What do you mean by weird? This seems perfectly cromulent to me.

endsarcasm

------
calebhicks
I love working in an industry where it's about what you can make or build on
your own, not necessarily what your degree says.

As a past junior high teacher, I'm really excited about the new ideas around
practical education.

------
urda
I obtained my B.S. and M.Eng in Computer Engineering & Computer Science also
debt-free, and landed a 100k+ job straight out of college.

I had to work my butt off with a few part-time gigs, had to do some smart
saving, and cost managemen. I was able to do it without locking myself into
anyone who wanted a cut of my pie.

It's not impossible, but you have to be willing to commit to it.

------
rhodysurf
Except the 45k he owes back to the school is about the same amount my
engineering degree cost me total.. That's not exactly debt-free

------
atmosx
I know more about _computers_ than most guys I know with a CS degree. Then
again I know physicists (Google has a huge number of them) that know more
about computers than I will ever learn.

I don't think that a CS degree is all that important. It's the self-drive that
makes the difference IMHO. Then of course, having a background helps a lot,
but in todays world there is little that you can't learn by yourself given the
right amount of (free) time and effort.

------
Bouncingsoul1
How I studied CS Debt-Free: I live in Europe. End.

------
slam3s
That's extremely impressive and goes along the line of experience over
education.

------
tapatio
Children of retired military get a free college education so that's another
way.

------
joshstrange
As someone who dropped out of college to go into software development full
time [0] I can relate quite a bit to this article. After graduating HS I went
to college, that's just "what you did", I never considered another path until
around my second year in college and even then didn't do anything until spring
break my junior year when I worked a full 40hr week and loved it, my stress
levels plummeted and I decided "Why wait?" I talked to my parents and my boss
then went to the guidance office and dropped out.

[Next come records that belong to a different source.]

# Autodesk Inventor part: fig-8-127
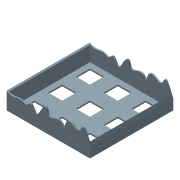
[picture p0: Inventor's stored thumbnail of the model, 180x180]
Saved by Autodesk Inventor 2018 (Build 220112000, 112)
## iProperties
Shininess: 64.0
Length Units: 11269
Angle Units: 11279
Time Units: 11290
Mass Units: 11283
Length Display Precision: 3
Angle Display Precision: 2
Compacted: True
Part Number: fig-8-127
Document SubType Name: Modeling
Created: 2002-12
Designer: deepak
Density: 1 g/cm^3
Material: Generic
Appearance: Light Steel Blue
Density: 0.0
Volumn: 0.0
Area: 0.0
PropertySet Name: Model Information
Control State: 0
Master: False
Checked Out: False
Author: deepak
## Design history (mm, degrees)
sketch "Sketch1"
  geometry: L1 (-32.188, 30.089)-(27.812, 30.089); L2 (27.812, 30.089)-(27.812, -29.911); L3 (27.812, -29.911)-(-32.188, -29.911); L4 (-32.188, -29.911)-(-32.188, 30.089)
  constraints: 8 end point, 2 parallel, 1 horizontal, 1 perpendicular
  dimensions: "d0" = 60 distance of L1.start L1.end; "d1" = 60 distance of L3.end L1.start
extrude "Extrusion1" new body sketch "Sketch1" stored distance "d2" = 20; taper "d3" = 0 deg
shell "Shell2" dims "d21" = 1
sketch "Sketch5"
  geometry: L1 (-27.812, 30.089)-(32.188, 30.089) reference; L2 (-27.812, -29.911)-(-27.812, 30.089) reference; L3 (-22.812, 25.089)-(-12.812, 25.089); L4 (-12.812, 25.089)-(-12.812, 15.089); L5 (-12.812, 15.089)-(-22.812, 15.089); L6 (-22.812, 15.089)-(-22.812, 25.089)
  constraints: 8 end point, 2 parallel, 1 horizontal, 1 perpendicular
  dimensions: "d8" = 10 distance of L3.start L3.end; "d9" = 10 distance of L5.end L3.start; "d10" = 5 distance between parallel lines of L2 L6; "d11" = 5 distance between parallel lines of L1 L3
extrude "Extrusion2" cut sketch "Sketch5" distance "d12" = 50; taper "d13" = 0 deg
pattern_linear "Rectangular Pattern1" dims "d16" = 20, "d19" = 20
sketch "Sketch2"
  geometry: 17 further points
  constraints: 17 other
extrude_surface "ExtrusionSrf1" sketch "Sketch2" dims "d4" = 70, "d5" = 0
split "Split2"
body "Solid1"
body "Srf1"

I'm still young (24) so I'm not going to say "Everything worked out perfectly"
because I can't know that yet but so far it has. After I had 2 companies under
my belt I was able to go just about wherever I wanted (That is anywhere that
my skill set lined up with what they were looking for) because I've found
employers care a lot more about what you can do/what you have done than a
piece of paper from a university. I'm not ready to write off college
completely but in it's current state I don't see it lasting much longer. The
college bubble will burst if they don't start making changes. The world has
changed but colleges have not, they no longer prepare student for the real
world (if they ever did in the first place) and they don't guarantee a job.

I love my job and what I do. I have no plans on finishing my college
education, I might take community classes at some point but really I don't see
the point. It doesn't affect me in my job searches and that money could be
better used to pay off my college loans. I have older people tell me all the
time that I should finish college but I think this is more because they grew
up in a time when that worked not because they are actually right that I'll
need it in the future. IMHO a degree only helps for your first-second job (if
that) and after that no one cares.

I think another important point is a number of people I am friends with or
have talked with seem to think the end of college marks the end of learning.
That couldn't be further from the truth, I learn every day and spend a vast
majority of my free time working to get better at what I know and/or pick up
new languages/skills. I didn't drop out to stop learning, I dropped out to
start learning things that mattered. If I ever went back to school I don't
know if I would even go for my CS degree but instead take classes on subjects
that are not as easy (for me) to learn online or that I might just like the
classroom atmosphere for like writing or history maybe.

[0] [http://joshstrange.com/why-i-canceled-my-college-
subscriptio...](http://joshstrange.com/why-i-canceled-my-college-
subscription/)

------
sogen
So sad to see that being debt-free causes a headline.

------
username3
$90k with benefits?